September 12, 1999
Fosterburg, Illinois
Weekends between races are usually filled with play time on some form of two-wheeled recreation. More often than not, I drive to St. Joe State Park, where for an affordable $3 I can spend a day playing and practicing on my KTM 300EXC. Once in a while, though, my play time blows up and makes me wish I hadn't had so much fun. The weekend before the Fosterburg hare scramble, I fell hard while riding at St. Joe. The crash left me struggling for air as I lay in the middle of loose rock. Riding buddy Matt Sellers had accompanied me that day, helping me rise up and swing a leg over the bike with bruised ribs.
In my condition, I almost chose to stay home the following weekend, but instead drove to Fosterburg with Matt and expected to treat the day as another play ride. That was the plan, until the green flag dropped. Suddenly I didn't feel much like play riding, when everyone else was racing.

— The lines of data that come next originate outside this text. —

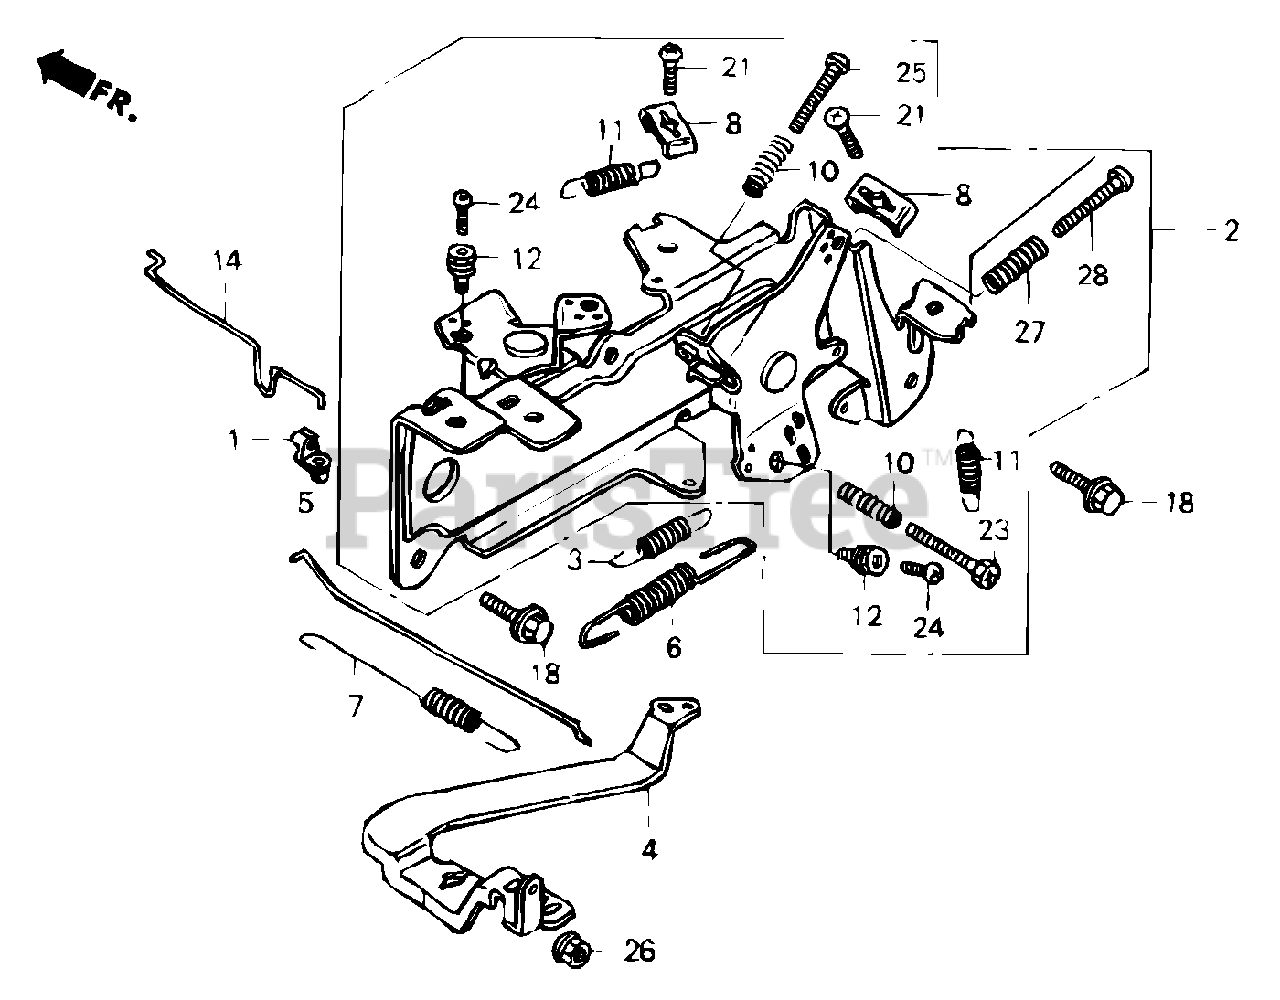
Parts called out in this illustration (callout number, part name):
1	Joint, Rod
2	Control Assembly
3	Spring, Starter
4	Arm, Governor
5	Rod, Governor
6	Spring, Governor
7	Spring, Throttle Return
8	Holder, Cable
10	Spring, Control Adjusting
11	Spring, Cable Return
12	Holder, Cable
14	Rod, Choke Control
18	Bolt, Flange (6x14)
21	Bolt, Slot (5x16)
23	Bolt, Slot (5x25)
24	Bolt, Recessed (4x6)
25	Screw, Pan (5x25)
26	Nut, Flange (6mm)

The Splinter Creek club grounds, like everywhere else in the Midwest, were dry and dusty. With only 80 acres to work with, trails at venues like this never really get a chance to sit idle and acclimate back into a normal woods environment. Splinter Creek makes use of almost every square foot of the property, leaving the course packed down like clay at a brick factory. If a rain shower should happen to float over this type of terrain in its present condition, the result would be wet clay, slippery as ice. Of course, Matt was on hand for this race, which involved me and the State of Illinois. How could it possibly rain today?
Like the previous hare scramble here in May, riders were spaced apart in rows at the motocross track, anticipating the flagman's every motion. My thoughts were focused only on kick starting the engine with minimal impact to my sore ribs. Years later, when most dirt bikes came equipped with electric start, I wouldn't have given this a second thought. But my 300EXC was a kick starting brute, and I'd had my share of issues making the engine fire on the starting line.

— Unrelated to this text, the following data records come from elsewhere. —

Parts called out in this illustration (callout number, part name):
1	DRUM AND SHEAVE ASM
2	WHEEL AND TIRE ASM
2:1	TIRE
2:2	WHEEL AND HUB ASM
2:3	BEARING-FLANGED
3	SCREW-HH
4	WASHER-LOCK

Finally the Open B green flag dropped and my engine started on the first kick. Matt jumped out to the holeshot while I rode cautiously. For a time, the adrenaline of the start kept me racing with the others. But after 10 minutes, Matt and the only other rider in our class were out of sight.

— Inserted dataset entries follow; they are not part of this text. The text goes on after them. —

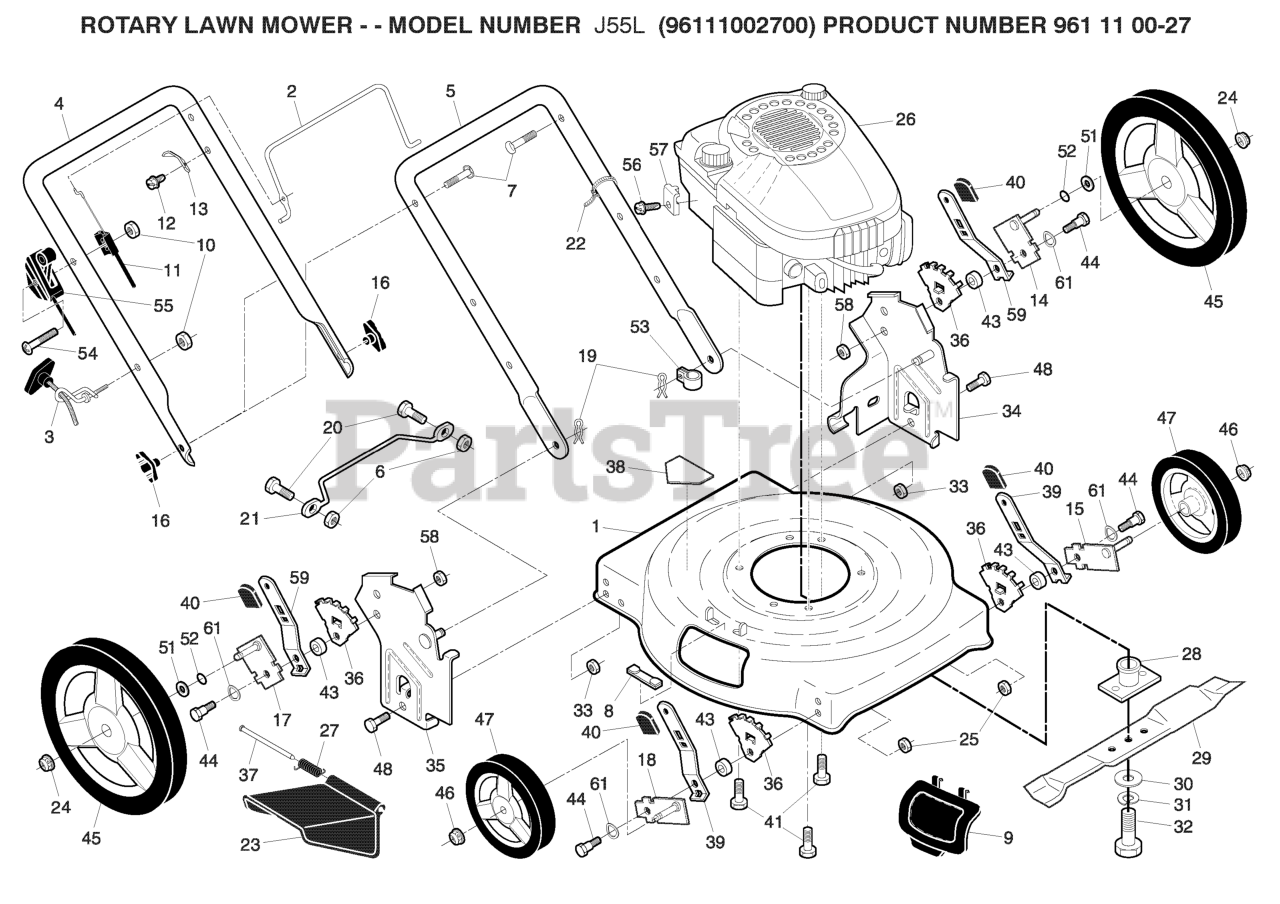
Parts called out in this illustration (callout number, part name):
1	Lawn Mower Housing
2	BAIL.MZR.STD.BLACK
3	RB GUIDE.ROPE.STD.BLK.ZIN WSL
4	Upper Handle
5	HANDLE.LOWER.GREY
7	BOLT, HANDLE 5/16-18X1.75
8	CLIP. CLOSEOUT
9	PLATE.MULCHER.22.ECON.BLACK
10	NUT
11	Engine Zone Control Cable
13	BRACKET UPSTOP
14	AXLE ARM ASSY REAR LH
15	AXLE ARM ASSY FRONT LH
16	KNOB, DEFLECTOR
17	AXLE ARM ASSY REAR RH
18	AXLE ARM ASSY FRONT RH
19	HAIRPIN COTTER
20	REPL BY 817 02 10-08
22	TIE GUIDE
23	GUARD.DISCHARGE.22".
24	NUT.HEX.FLANGE.3/8-16.LOCKNUT
25	LOCKNUT 5/16-18
27	SPRING.HINGE
28	ADAPTER.BLADE
29	Blade, 22"
30	WASHER,HARDEN
31	LOCKWASHER
32	SCREW, HEX HD 3/8-24 X 1-3/8
33	NUT.CENTERLOCK.5/16-
34	BRACKET.ASM.HANDLE.HW.
35	BRACKET.ASM.HANDLE.HW.RT.ORANG
36	WHEEL ADJ BRACKET FRONT
38	DECAL.INTERNATIONL.CUTFINGER
39	SELECTOR SPRING, FRONT
41	BOLT 3/8-16X1-1/8
43	SPACER.HEIGHT.ADJUSTER
44	SHOULDER BOLT 5/16-18
45	RP.WHEEL.12X1.75H 3 SPOKE.RAD
46	NUT.HEX.FLANGE.3/8-16.LO(3 2)
47	WHEEL AND TIRE ASSY, REAR
48	BOLT
51	O-RING..070X.487.NEOPRENE
52	WASHER.FLAT.1/2
53	CLIP.CABLE.BLK
55	THROTTLE CONTROL
56	SCREW.HEX.HEAD.WASHER.10-16
57	CABLE CLAMP(ENGINE)
58	NUT.LOCK.5/16-18
59	SPRING.SEL.EXT.21.DOMED.12/14
61	WASHER.CURVED.CYLINDRICAL

Riding alone in the woods gave me time to loosen up my ribs, but I was unable to ride aggressively. The Splinter Creek club grounds were full of hills and ravines and gullies, all part of the region's terrain transition to the Mississippi River, ten miles west. On a normal day at Splinter Creek, I'd be wearing a smile as wide as the river. Today was not that day. I couldn't slice through the narrowly spaced trees or hammer through intricately woven roots or even finesse my way through off-camber trails. All of it hurt.
What's more, Matt and his annoying algorithm showed up to prove, once again, what happens when he races in Illinois with me. During the last half hour of the race, for the first time in months the skies opened and dumped out rain. If only the clouds had shut off at ¼ inch of precipitation, the trails would have been perfect. Instead, the rain continued to the end. For many, the final lap turned into survival, but I was actually riding just fine. Then I found a short, slippery uphill that changed my demeanor. This was where the packed clay turned to ice. It only felt like ice, of course, but I had to hop off the bike and push the rest of the way to the top, just like those early season, frozen ground races.
The rain came down lightly and over time, rendered my goggles useless. Now was the moment to play risk-reward games and ask myself questions like "How important is vision, really?" and "Can my eyeball be fixed if a tree branch pokes all the way through it?" My comprehensive analysis came back with a conclusion that the googles had to go, and fast.
Two minutes later, local fast guy Lee Lankutis squeezed around, lapping me for about the 4th time, when a burst of mud shot off his back tire and straight into my eye. My mouth may have spewed a set of colorful metaphors directed at Lee, but he is a good guy and of course had no idea he'd done any harm. As with most racing, the incident was forgotten after the mud cleared from my eye. I just wanted this thing to end.
A damp checkered flag flew then next time I reached the main checkpoint, ending my race with relief. My ribs had survived. Back at the staging area, Matt was already packing up in the rain, attempting to change clothes inside the confines of my little red single cab pickup truck. But for its 7-foot bed, the compact truck was never intended to transport two full-size motorcycles, two grown men and 400 pounds of gear to rainy dirt bike races. With help from creative contortions, we donned our street clothes and called it an Algorithm Day...again.